Bitcoin Avoided a Fork with One "Awesome" "Positive Change"
Experts think this could be good news.
August 1 could have been a massive, chaotic day for bitcoin. But thanks to a recently deployed software hot fix, the world’s leading cryptocurrency shouldn’t suffer a fork — or split in the currency — and two experts say that’s a pretty good thing.
In late July, bitcoin’s biggest problem came to a head. The currency’s foundation, a permanent, public ledger system called the blockchain, was too slow to accommodate the number of transactions per second it needed to. Since bitcoin has no formal regulatory body or administrative system, there were several different plans for the future of the currency.
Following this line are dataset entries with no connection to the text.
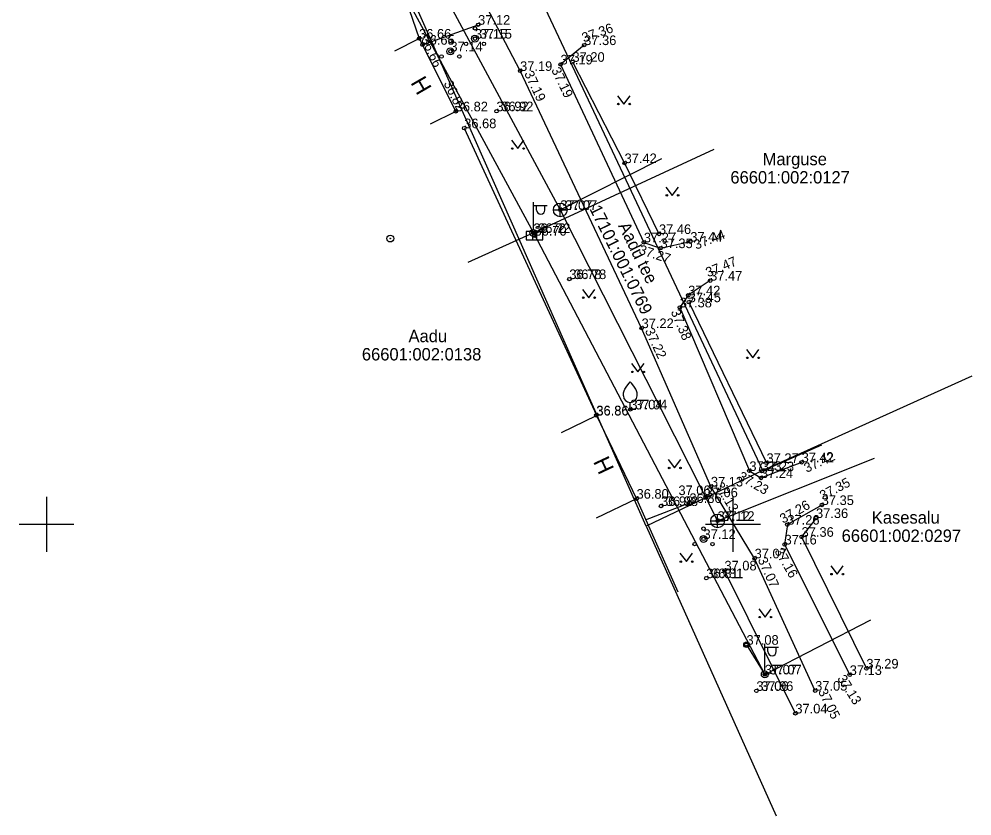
# Model space of a CAD drawing. Extents: x 627548 to 628052, y 6467984 to 6468802.
# Drawn here: x 627648 to 627717.4, y 6468278.8 to 6468336.8 of the extents above; entities that cross this region are included whole.
import ezdxf

# ---------------------------------------------------------------- set-up
doc = ezdxf.new("R2010")
doc.units = 0
for name, color, linetype in [('AED', 7, 'Continuous'), ('ELRAJATISMP', 7, 'Continuous'), ('HALJASTUS', 7, 'Continuous'), ('HOONE', 7, 'Continuous'), ('KKAEV', 7, 'Continuous'), ('KORGUS-EH2000', 7, 'Continuous'), ('KTRASS', 7, 'Continuous'), ('MOOTKORG-EH2000', 7, 'Continuous'), ('MOOTMPUNKT', 7, 'Continuous'), ('MPOHULIIN', 7, 'Continuous'), ('PIIR', 7, 'Continuous'), ('POST', 7, 'Continuous'), ('PUU', 7, 'Continuous'), ('SIOHULIIN', 7, 'Continuous'), ('TEE', 7, 'Continuous'), ('VORK', 7, 'Continuous')]:
    doc.layers.add(name, color=color, linetype=linetype)

msp = doc.modelspace()

# ---------------------------------------------------------------- linework, layer by layer
at = {"layer": 'AED'}
for p, q in [((627677.387, 6468334.946), (627681.434, 6468336.401)), ((627680.423, 6468328.862), (627690.05, 6468307.948)), ((627702.106, 6468303.871), (627706.476, 6468305.8)), ((627692.977, 6468301.869), (627695.974, 6468295.078)), ((627693.64, 6468300.317), (627696.83, 6468301.558)), ((627697.886, 6468302.1), (627697.886, 6468301.85)), ((627697.886, 6468302.1), (627698.136, 6468302.1)), ((627697.886, 6468301.85), (627698.136, 6468301.85)), ((627698.136, 6468302.1), (627698.136, 6468301.85))]:
    msp.add_line(p, q, dxfattribs=at)
msp.add_lwpolyline([(627670.805, 6468342.532), (627673.658, 6468343.687), (627676.168, 6468338.238), (627677.141, 6468335.391)], dxfattribs=at)
at = {"layer": 'ELRAJATISMP'}
for p, q in [((627686.14, 6468321.332), (627684.946, 6468321.332)), ((627684.946, 6468321.332), (627684.946, 6468320.736)), ((627685.407, 6468321.332), (627685.407, 6468320.736)), ((627685.679, 6468321.332), (627685.679, 6468320.736)), ((627686.14, 6468320.736), (627686.14, 6468321.332)), ((627684.946, 6468320.736), (627686.14, 6468320.736))]:
    msp.add_line(p, q, dxfattribs=at)
at = {"layer": 'HALJASTUS'}
for p, q in [((627691.591, 6468331.23), (627692.055, 6468330.624)), ((627692.055, 6468330.624), (627692.5, 6468331.23)), ((627683.858, 6468327.987), (627684.321, 6468327.38)), ((627684.321, 6468327.38), (627684.767, 6468327.987)), ((627695.117, 6468324.573), (627695.581, 6468323.967)), ((627695.581, 6468323.967), (627696.026, 6468324.573)), ((627689.032, 6468317.119), (627689.496, 6468316.513)), ((627689.496, 6468316.513), (627689.941, 6468317.119)), ((627696.776, 6468316.187), (627702.443, 6468304.475)), ((627700.974, 6468312.738), (627701.438, 6468312.132)), ((627701.438, 6468312.132), (627701.883, 6468312.738)), ((627692.615, 6468311.714), (627693.078, 6468311.107)), ((627693.078, 6468311.107), (627693.524, 6468311.714)), ((627695.288, 6468304.715), (627695.751, 6468304.109)), ((627695.751, 6468304.109), (627696.197, 6468304.715)), ((627696.141, 6468297.888), (627696.604, 6468297.281)), ((627696.604, 6468297.281), (627697.05, 6468297.888)), ((627707.116, 6468296.977), (627707.58, 6468296.371)), ((627707.58, 6468296.371), (627708.025, 6468296.977)), ((627704.543, 6468286.222), (627699.379, 6468296.642)), ((627701.884, 6468293.848), (627702.348, 6468293.241)), ((627702.348, 6468293.241), (627702.793, 6468293.848))]:
    msp.add_line(p, q, dxfattribs=at)
for points in [[(627688.311, 6468333.7), (627692.104, 6468326.319), (627694.608, 6468321.156)], [(627706.047, 6468300.46), (627704.998, 6468299.092), (627709.716, 6468289.494)]]:
    msp.add_lwpolyline(points, dxfattribs=at)
for centre in [(627691.654, 6468330.624), (627692.483, 6468330.624), (627683.92, 6468327.38), (627684.749, 6468327.38), (627695.18, 6468323.967), (627696.008, 6468323.967), (627689.095, 6468316.513), (627689.924, 6468316.513), (627701.037, 6468312.132), (627701.866, 6468312.132), (627692.677, 6468311.107), (627693.506, 6468311.107), (627695.35, 6468304.109), (627696.179, 6468304.109), (627696.203, 6468297.281), (627697.032, 6468297.281), (627707.178, 6468296.371), (627708.007, 6468296.371), (627701.947, 6468293.241), (627702.776, 6468293.241)]:
    msp.add_circle(centre, 0.055, dxfattribs=at)
at = {"layer": 'HOONE'}
for points in [[(627675.375, 6468334.503), (627677.139, 6468335.392), (627679.809, 6468330.091), (627677.952, 6468329.156)], [(627687.51, 6468306.697), (627690.053, 6468307.925), (627692.977, 6468301.869), (627690.045, 6468300.453)]]:
    msp.add_lwpolyline(points, dxfattribs=at)
at = {"layer": 'KKAEV'}
for p, q in [((627687.419, 6468322.41), (627687.419, 6468323.41)), ((627686.919, 6468322.91), (627687.919, 6468322.91)), ((627698.377, 6468300.252), (627699.377, 6468300.252)), ((627698.877, 6468299.752), (627698.877, 6468300.752))]:
    msp.add_line(p, q, dxfattribs=at)
for centre in [(627687.419, 6468322.91), (627698.877, 6468300.252)]:
    msp.add_circle(centre, 0.5, dxfattribs=at)
at = {"layer": 'KTRASS'}
for p, q in [((627687.419, 6468322.91), (627694.826, 6468326.653)), ((627687.419, 6468322.91), (627698.877, 6468300.252)), ((627698.877, 6468300.252), (627710.319, 6468304.824))]:
    msp.add_line(p, q, dxfattribs=at)
msp.add_lwpolyline([(627669.837, 6468355.594), (627687.419, 6468322.91)], dxfattribs=at)
at = {"layer": 'MOOTMPUNKT'}
for centre in [(627681.434, 6468336.401), (627677.139, 6468335.392), (627677.387, 6468334.946), (627681.207, 6468335.387), (627689.161, 6468334.92), (627679.419, 6468334.46), (627687.441, 6468333.508), (627688.311, 6468333.7), (627684.494, 6468333.036), (627679.809, 6468330.091), (627682.773, 6468330.099), (627680.423, 6468328.862), (627692.104, 6468326.319), (627687.419, 6468322.91), (627685.459, 6468321.228), (627685.543, 6468321.034), (627694.608, 6468321.156), (627693.508, 6468320.543), (627696.891, 6468320.596), (627694.723, 6468320.124), (627688.078, 6468317.869), (627698.336, 6468317.757), (627696.736, 6468316.686), (627696.776, 6468316.187), (627696.122, 6468315.807), (627693.344, 6468314.297), (627692.522, 6468308.374), (627690.05, 6468307.948), (627690.053, 6468307.925), (627702.443, 6468304.475), (627705.003, 6468304.52), (627701.194, 6468303.891), (627702.106, 6468303.871), (627702.035, 6468303.377), (627698.392, 6468302.759), (627692.977, 6468301.869), (627696.83, 6468301.558), (627698.011, 6468301.975), (627706.464, 6468301.407), (627694.759, 6468301.333), (627698.877, 6468300.252), (627706.047, 6468300.46), (627703.96, 6468299.977), (627697.856, 6468298.937), (627704.998, 6468299.092), (627703.759, 6468298.532), (627701.575, 6468297.521), (627699.379, 6468296.642), (627698.059, 6468296.077), (627700.985, 6468291.226), (627702.316, 6468289.064), (627708.502, 6468289.026), (627709.716, 6468289.494), (627701.704, 6468287.866), (627705.987, 6468287.879), (627704.543, 6468286.222)]:
    msp.add_circle(centre, 0.125, dxfattribs=at)
at = {"layer": 'MPOHULIIN'}
for points in [[(627668.977, 6468351.69), (627685.459, 6468321.228)], [(627685.459, 6468321.228), (627698.626, 6468327.339)], [(627685.459, 6468321.228), (627680.69, 6468319.066)], [(627685.459, 6468321.228), (627702.316, 6468289.064)], [(627702.316, 6468289.064), (627710.047, 6468293.044)]]:
    msp.add_lwpolyline(points, dxfattribs=at)
at = {"layer": 'PIIR'}
for p, q in [((627693.67, 6468299.87), (627664.45, 6468365.98)), ((627702.17, 6468303.93), (627685.55, 6468339.27)), ((627717.405, 6468310.786), (627702.17, 6468303.93)), ((627702.17, 6468303.93), (627693.67, 6468299.87)), ((627693.67, 6468299.87), (627703.148, 6468278.752))]:
    msp.add_line(p, q, dxfattribs=at)
at = {"layer": 'POST'}
for p, q in [((627685.467, 6468321.473), (627685.467, 6468323.473)), ((627685.467, 6468323.223), (627686.467, 6468323.223)), ((627685.694, 6468322.902), (627685.694, 6468323.223)), ((627686.306, 6468322.902), (627686.306, 6468323.223)), ((627702.318, 6468289.301), (627702.318, 6468291.301)), ((627702.318, 6468291.051), (627703.318, 6468291.051)), ((627702.545, 6468290.73), (627702.545, 6468291.051)), ((627703.157, 6468290.73), (627703.157, 6468291.051))]:
    msp.add_line(p, q, dxfattribs=at)
msp.add_lwpolyline([(627700.985, 6468291.226), (627702.316, 6468289.064)], dxfattribs=at)
for centre, radius in [((627675.037, 6468320.824), 0.25), ((627685.459, 6468321.228), 0.25), ((627685.459, 6468321.228), 0.0234), ((627675.037, 6468320.824), 0.0234), ((627700.985, 6468291.226), 0.2), ((627702.316, 6468289.064), 0.25), ((627702.316, 6468289.064), 0.0234)]:
    msp.add_circle(centre, radius, dxfattribs=at)
for centre in [(627686, 6468322.902), (627702.851, 6468290.73)]:
    msp.add_arc(centre, 0.306, 180, 0, dxfattribs=at)
at = {"layer": 'PUU'}
for p, q in [((627692.522, 6468308.374), (627692.522, 6468308.874)), ((627692.922, 6468308.374), (627692.522, 6468308.374))]:
    msp.add_line(p, q, dxfattribs=at)
for points in [[(627692.022, 6468309.374), (627692.022, 6468309.524), (627692.032, 6468309.589), (627692.067, 6468309.719), (627692.127, 6468309.839), (627692.272, 6468310.074), (627692.432, 6468310.279), (627692.522, 6468310.374)], [(627693.022, 6468309.374), (627693.022, 6468309.524), (627693.012, 6468309.589), (627692.977, 6468309.719), (627692.917, 6468309.839), (627692.772, 6468310.074), (627692.612, 6468310.279), (627692.522, 6468310.374)]]:
    msp.add_lwpolyline(points, dxfattribs=at)
for centre, radius in [((627681.207, 6468336.137), 0.125), ((627681.207, 6468335.387), 0.25), ((627679.419, 6468335.21), 0.125), ((627680.557, 6468335.012), 0.125), ((627681.857, 6468335.012), 0.125), ((627678.769, 6468334.085), 0.125), ((627679.419, 6468334.46), 0.25), ((627680.069, 6468334.085), 0.125), ((627697.856, 6468299.687), 0.125), ((627697.856, 6468298.937), 0.25), ((627697.206, 6468298.562), 0.125), ((627698.506, 6468298.562), 0.125)]:
    msp.add_circle(centre, radius, dxfattribs=at)
msp.add_arc((627692.522, 6468309.374), 0.5, 180, 0, dxfattribs=at)
at = {"layer": 'SIOHULIIN'}
for points in [[(627668.977, 6468351.69), (627685.459, 6468321.228)], [(627685.459, 6468321.228), (627702.316, 6468289.064)]]:
    msp.add_lwpolyline(points, dxfattribs=at)
at = {"layer": 'TEE'}
for points in [[(627705.987, 6468287.879), (627701.575, 6468297.521), (627698.392, 6468302.759), (627693.344, 6468314.297), (627684.494, 6468333.036), (627679.367, 6468342.859), (627675.577, 6468349.845), (627672.084, 6468355.605), (627669.957, 6468356.207), (627668.244, 6468355.634), (627666.883, 6468354.283)], [(627689.161, 6468334.92), (627687.441, 6468333.508), (627693.508, 6468320.543), (627694.723, 6468320.124), (627696.891, 6468320.596)], [(627698.336, 6468317.757), (627696.736, 6468316.686), (627696.122, 6468315.807), (627701.194, 6468303.891), (627702.035, 6468303.377), (627705.003, 6468304.52)], [(627706.464, 6468301.407), (627703.96, 6468299.977), (627703.759, 6468298.532), (627708.502, 6468289.026)]]:
    msp.add_lwpolyline(points, dxfattribs=at)
at = {"layer": 'VORK'}
for p, q in [((627650, 6468302), (627650, 6468298)), ((627700, 6468302), (627700, 6468298)), ((627648, 6468300), (627652, 6468300)), ((627698, 6468300), (627702, 6468300))]:
    msp.add_line(p, q, dxfattribs=at)

# ---------------------------------------------------------------- texts
at = {"layer": 'HOONE'}
for rotation, p in [(300.04836, (627676.483, 6468332.186)), (295.09108, (627689.795, 6468304.58))]:
    msp.add_text('H', height=1.2, rotation=rotation, dxfattribs=at).set_placement(p)
at = {"layer": 'KORGUS-EH2000'}
for s, rotation, p in [('37.36', 19.62679, (627689.135, 6468335.097)), ('36.66', 294.61284, (627677.259, 6468335.35)), ('37.19', 294.94118, (627684.78, 6468332.855)), ('37.19', 295.47901, (627686.748, 6468333.112)), ('36.82', 296.21316, (627678.908, 6468332.127)), ('37.44', 21.3936, (627697.316, 6468320.006)), ('37.27', 341.90824, (627693.093, 6468319.727)), ('37.47', 22.79247, (627698.188, 6468317.993)), ('37.38', 292.67112, (627695.455, 6468315.496)), ('37.22', 295.19928, (627693.567, 6468314.109)), ('37.42', 24.44034, (627705.366, 6468303.749)), ('37.23', 330.24298, (627700.308, 6468303.291)), ('37.13', 301.05212, (627698.651, 6468302.813)), ('37.35', 27.57376, (627706.54, 6468301.737)), ('37.26', 29.85253, (627703.655, 6468300.037)), ('37.16', 299.73652, (627703.002, 6468298.048)), ('37.07', 294.23345, (627701.788, 6468297.429)), ('37.13', 302.22364, (627707.568, 6468288.763)), ('37.05', 296.22938, (627706.176, 6468287.834))]:
    msp.add_text(s, height=0.7, rotation=rotation, dxfattribs=at).set_placement(p)
for s, p in [('37.15', (627681.557, 6468335.387)), ('36.92', (627683.123, 6468330.099)), ('37.07', (627687.769, 6468322.91)), ('36.72', (627685.809, 6468321.228)), ('36.78', (627688.428, 6468317.869)), ('37.04', (627692.872, 6468308.374)), ('37.06', (627696.027, 6468302.131)), ('36.98', (627695.109, 6468301.333)), ('37.12', (627699.227, 6468300.252)), ('36.81', (627698.409, 6468296.077)), ('37.07', (627702.666, 6468289.064)), ('37.06', (627702.054, 6468287.866))]:
    msp.add_text(s, height=0.7, dxfattribs=at).set_placement(p)
at = {"layer": 'MOOTKORG-EH2000'}
for s, p in [('37.12', (627681.434, 6468336.401)), ('36.66', (627677.139, 6468335.392)), ('36.65', (627677.387, 6468334.946)), ('37.15', (627681.207, 6468335.387)), ('37.36', (627689.161, 6468334.92)), ('37.14', (627679.419, 6468334.46)), ('37.19', (627687.441, 6468333.508)), ('37.20', (627688.311, 6468333.7)), ('37.19', (627684.494, 6468333.036)), ('36.82', (627679.809, 6468330.091)), ('36.92', (627682.773, 6468330.099)), ('36.68', (627680.423, 6468328.862)), ('37.42', (627692.104, 6468326.319)), ('37.07', (627687.419, 6468322.91)), ('36.72', (627685.459, 6468321.228)), ('36.70', (627685.543, 6468321.034)), ('37.46', (627694.608, 6468321.156)), ('37.27', (627693.508, 6468320.543)), ('37.44', (627696.891, 6468320.596)), ('37.35', (627694.723, 6468320.124)), ('36.78', (627688.078, 6468317.869)), ('37.47', (627698.336, 6468317.757)), ('37.42', (627696.736, 6468316.686)), ('37.45', (627696.776, 6468316.187)), ('37.38', (627696.122, 6468315.807)), ('37.22', (627693.344, 6468314.297)), ('36.86', (627690.05, 6468307.948)), ('36.86', (627690.053, 6468307.925)), ('37.04', (627692.522, 6468308.374)), ('37.27', (627702.443, 6468304.475)), ('37.42', (627705.003, 6468304.52)), ('37.23', (627701.194, 6468303.891)), ('37.23', (627702.106, 6468303.871)), ('37.24', (627702.035, 6468303.377)), ('37.13', (627698.392, 6468302.759)), ('36.80', (627692.977, 6468301.869)), ('36.86', (627696.83, 6468301.558)), ('37.06', (627698.011, 6468301.975)), ('36.98', (627694.759, 6468301.333)), ('37.35', (627706.464, 6468301.407)), ('37.12', (627698.877, 6468300.252)), ('37.36', (627706.047, 6468300.46)), ('37.26', (627703.96, 6468299.977)), ('37.12', (627697.856, 6468298.937)), ('37.36', (627704.998, 6468299.092)), ('37.16', (627703.759, 6468298.532)), ('37.07', (627701.575, 6468297.521)), ('37.08', (627699.379, 6468296.642)), ('36.81', (627698.059, 6468296.077)), ('37.08', (627700.985, 6468291.226)), ('37.07', (627702.316, 6468289.064)), ('37.13', (627708.502, 6468289.026)), ('37.29', (627709.716, 6468289.494)), ('37.06', (627701.704, 6468287.866)), ('37.05', (627705.987, 6468287.879)), ('37.04', (627704.543, 6468286.222))]:
    msp.add_text(s, height=0.7, dxfattribs=at).set_placement(p)
at = {"layer": 'PIIR'}
for s, p in [('Marguse', (627702.161, 6468326.165)), ('66601:002:0127', (627699.811, 6468324.835)), ('Aadu', (627676.368, 6468313.272)), ('66601:002:0138', (627672.97, 6468311.942)), ('Kasesalu', (627710.111, 6468300.051)), ('66601:002:0297', (627707.914, 6468298.721))]:
    msp.add_text(s, height=0.9, dxfattribs=at).set_placement(p)
for s, p in [('17101:001:0769', (627689.523, 6468323)), ('Aadu tee', (627691.621, 6468321.754))]:
    msp.add_text(s, height=0.9, rotation=296.23087, dxfattribs=at).set_placement(p)

doc.saveas('drawing.dxf')

But after a few days, one plan — a moderate solution called BIP 91 — won out, and experts say that’s a pretty good thing.
“BIP 91 is awesome, because it got SegWit activated,” Victoria Van Eyk, a partner at Bitcoin Strategy Group and independent cryptocurrency analyst tells Inverse. SegWit refers to an update to bitcoin’s software called segregated witness, which changes the data format of bitcoin’s “blocks” to take up less space in the blockchain. “Adopting SegWit,” Van Eyk said, is a “Unilaterally positive change.”
Most experts, including the powerful groups that do the majority of bitcoin “mining,” which introduces new coins to the system and creates the blockchain piece by piece, think that SegWit is a positive change. But some of the larger, more powerful groups think it doesn’t go far enough, and want to go a step further, to SegWit 2X. Their plan is to double the size of the blockchain’s units, blocks, increasing transactions speeds but creating a system that heavily favors miners and users with expensive, souped-up computing systems.
James Hilliard, the lead programmer behind BIP 91, has been outspoken against this plan, calling it “nutty,” in an interview with CoinDesk, especially on that short of a timeframe. “There are just so many things that could go wrong,” he said.
For a while, it appeared that a plan involving SegWit 2X had enough support to be put into action, which would have split the bitcoin blockchain in a hard fork, making the new system inaccessible to users who didn’t want to update. Unlike this hard for, BIP 91 is backward compatible and brings the entire community along. On July 23, enough bitcoin miners had pledged their support to the fix that it was locked in.
“I think August 1 will be like any other day,” Marek Palatinus, the CEO of Satoshi Labs, told Inverse,because it will keep the existing system largely intact, without provoking a user-activated fork. “I’m very positive on BIP91. In my opinion, Segwit is a good way forward for Bitcoin. It fixes many things which complicated work of Bitcoin developers.”
One interesting development, however, is that there will be a hard fork on August 1 — but not in the way analysts initially feared. Because bitcoin is open source, anyone can adopt the technology or spin it off into a different system. Recently, a group of miners announced that they would create a new cryptocurrency based on bitcoin, called Bitcoin Cash, which increases the size of bitcoin blocks to eight megabytes (in the original system, they’re only one megabyte). But Bitcoin Cash’s spinoff won’t disrupt the entire currency in the same way that SegWit 2X would have, so for now, experts are optimistic.
“I don’t see Bitcoin Cash as a threat to bitcoin and I don’t expect any network disruption on August 1 caused by Bitcoin Cash activation,” Palatinus says.